Действительно, юридические науки Кандинский, по его собственному признанию, любил. Но вызываемые ими чувства "бледнели при первом соприкосновении с искусством, которое только одно выводило меня, – вспоминал он в "Ступенях", – за пределы времени и пространства. Никогда не дарили меня научные занятия такими переживаниями, внутренними подъемами, творческими мгновениями". Эти переживания он описывал так: "Уже в детские годы мне были знакомы мучительно-радостные часы внутреннего напряжения, часы внутренних сотрясений, неясного стремления, требующего повелительно чего-то еще неопределенного, днем сжимающего сердце и делающего дыхание поверхностным, наполняющего душу беспокойством, а ночью вводящего в мир фантастических снов, полных и ужаса, и счастья". Среди первых ярких воспоминаний Кандинского – краски, кисти, карандаши, овальная фарфоровая палитра и даже запах скипидара – "такой обворожительный, серьезный и строгий".
Однако в студенческие годы собственные силы казались ему еще чересчур слабыми для того, чтобы "признать себя вправе пренебречь другими обязанностями и начать жизнь художника". Она казалась ему "безгранично счастливой", а занятия искусством – непозволительной роскошью.
Но побороть любовь к живописи было невозможно. В составленной намного позднее автобиографии он уже прямо писал: "Вплоть до тридцатого года своей жизни я мечтал стать живописцем, потому что любил живопись больше всего, и бороться с этим стремлением мне было нелегко. <…> В возрасте тридцати лет мне явилась мысль — теперь или никогда. Мое постепенное внутреннее развитие, до той поры мною не осознававшееся, дошло до точки, в которой я с большой ясностью ощутил свои возможности живописца, и в то же время внутренняя зрелость позволила мне почувствовать с той же ясностью свое полное право быть живописцем".

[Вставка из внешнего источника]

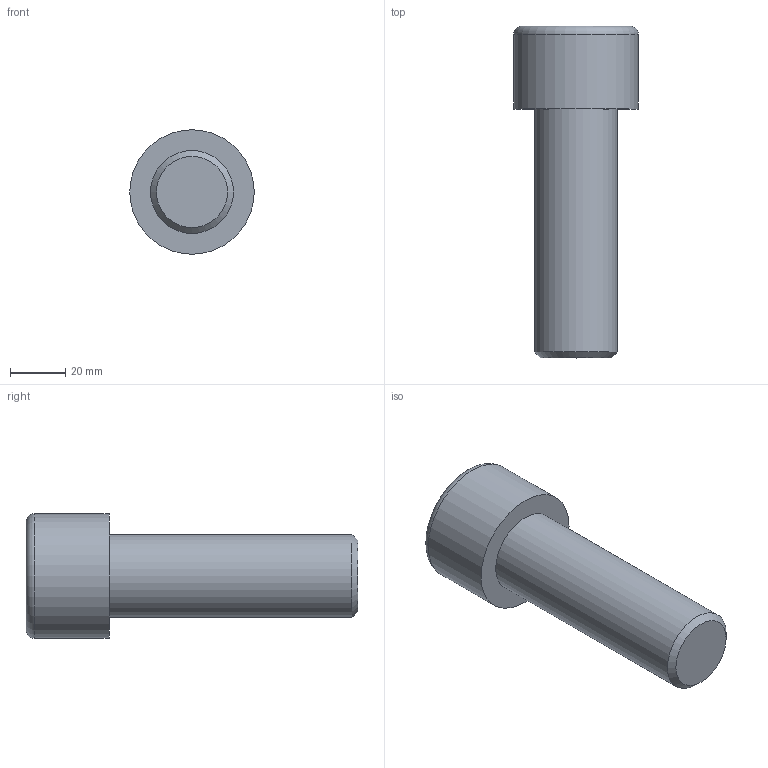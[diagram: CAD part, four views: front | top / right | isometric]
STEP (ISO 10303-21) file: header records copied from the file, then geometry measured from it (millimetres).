
FILE_DESCRIPTION(/* description */ (''),/* implementation_level */ '2;1');
FILE_NAME(/* name */ 'C:\Users\D\Documents\Inventor\各種小物\JIS\JIS B 1176 六角穴付きボルト\M30x90.stp',/* time_stamp */ '2022-05-09T19:01:55+09:00',/* author */ ('D'),/* organization */ (''),/* preprocessor_version */ 'ST-DEVELOPER v18',/* originating_system */ 'Autodesk Inventor 2020',/* authorisation */ '');
FILE_SCHEMA (('AUTOMOTIVE_DESIGN { 1 0 10303 214 3 1 1 }'));
Length unit declared in the file: millimetre
Products named in the file (1): M1.6x2.5
Bounding box: 45 x 120 x 45 mm (x, y, z)
Volume: 103156 mm3; surface area: 16888.9 mm2
Topology: 1 solids, 1 shells, 14 faces, 33 edges, 22 vertices
Faces by surface type: plane 9, cone 2, cylinder 2, torus 1
Full cylindrical faces by diameter (mm): 30 x1, 45 x1
Entity records: 435 total; most frequent: CARTESIAN_POINT 83, ORIENTED_EDGE 64, DIRECTION 64, EDGE_CURVE 32, AXIS2_PLACEMENT_3D 24, VERTEX_POINT 22, EDGE_LOOP 16, LINE 16
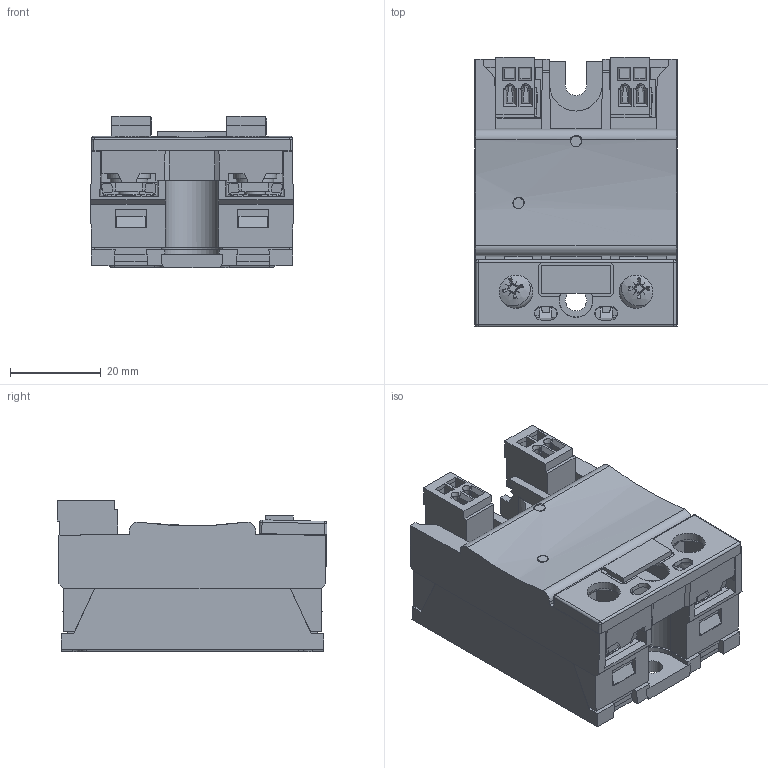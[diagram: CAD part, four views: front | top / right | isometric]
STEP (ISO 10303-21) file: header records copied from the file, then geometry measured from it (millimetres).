
FILE_DESCRIPTION((''),'2;1');
FILE_NAME('R:\Stock\3D pour clients\CELDUC references\2D3D 595 A.stp','2012-07-04T07:34:05',('Georges THOLLOT ','Tl : +33 (0)4 77 53 90 27','gthollot@celduc.com'),('Celduc r e l a i s','5, rue Ampre, BP 30004','42290 SORBIERS - France','Fax. : +33 (0)4 77 53 85 51','N siret 353 310 519 00015','ISO 9001 N QUAL/1993/1106b','www.celduc.com'),'Autodesk Inventor 2010','Autodesk Inventor 2010','');
FILE_SCHEMA(('CONFIG_CONTROL_DESIGN'));
Length unit declared in the file: millimetre
Products named in the file (3): SOD; WAGO 734 102
Assembly tree (3 placements, depth 2):
  SOD
    SOD
    WAGO 734 102  x2
Bounding box: 44.8 x 59.6 x 33.5 mm (x, y, z)
Volume: 61261.7 mm3; surface area: 21219.5 mm2
Topology: 3 solids, 5 shells, 1107 faces, 2973 edges, 1913 vertices
Faces by surface type: plane 828, cone 127, bspline 69, cylinder 67, torus 10, sphere 6
Full cylindrical faces by diameter (mm): 1.5 x4, 2.35 x1, 4.567 x2, 4.7 x1
Entity records: 33371 total; most frequent: CARTESIAN_POINT 8247, ORIENTED_EDGE 5306, DIRECTION 4569, EDGE_CURVE 2653, VECTOR 2069, LINE 2069, VERTEX_POINT 1736, AXIS2_PLACEMENT_3D 1250

Об этом внутреннем перевороте Кандинский и написал Чупрову 7 ноября 1895:
"Я решил оставить свои занятия наукою. Ваше постоянно доброе отношение ко мне возбуждает во мне сильное желание сказать Вам о причинах, вызвавших мое решение.
Прежде всего я убедился, что неспособен к постоянному усидчивому труду. Но во мне нет еще более важного условия — нет сильной, захватывающей все существо любви к науке. А самое важное — во мне нет веры в нее. Почему — на это трудно ответить: вера не знает никаких "почему". Но сложилось мое неверие постепенно, долго я верил, а быть может, потому и любил науку. Так как такие разочарования случались со мною и раньше, то я старался, насколько мог, проверить себя и вижу и до сих пор, что время еще дальше отдаляет меня от прежних занятий. И чем дальше идет время, тем все сильнее притягивает меня к себе моя старая и прежде безнадежная любовь к живописи".
И даже поступившее в 1896 году из знаменитого в те годы Дерптского университета (ныне Тартуский университет в Эстонии) предложение занять место профессора юриспруденции, сулившее блестящую карьеру, не изменило его намерений. Тридцатилетний Кандинский, приняв для себя окончательное решение "выбросить за борт результаты многих лет", уезжает в Мюнхен, один из центров художественной жизни тех лет.
Тогда ему казалось, что время, проведенное на юридическом факультете, было им потеряно. Однако в 1913 году 46-летний Кандинский писал: "Скачки в сторону, которые случались со мною на этом все же прямом пути, в общем результате не были для меня вредны, а различные мертвые моменты, в которые чувствовал я себя обессиленным, которые я считал иногда концом моей работы, бывали зачастую лишь разбегом и набиранием внутренних сил, новой ступенью, обусловливавшей дальнейший шаг".
Автор благодарит научного сотрудника Музея истории юридического факультета МГУ им. М.В. Ломоносова Геннадия Николаевича Рыженко за помощь в подготовке материала.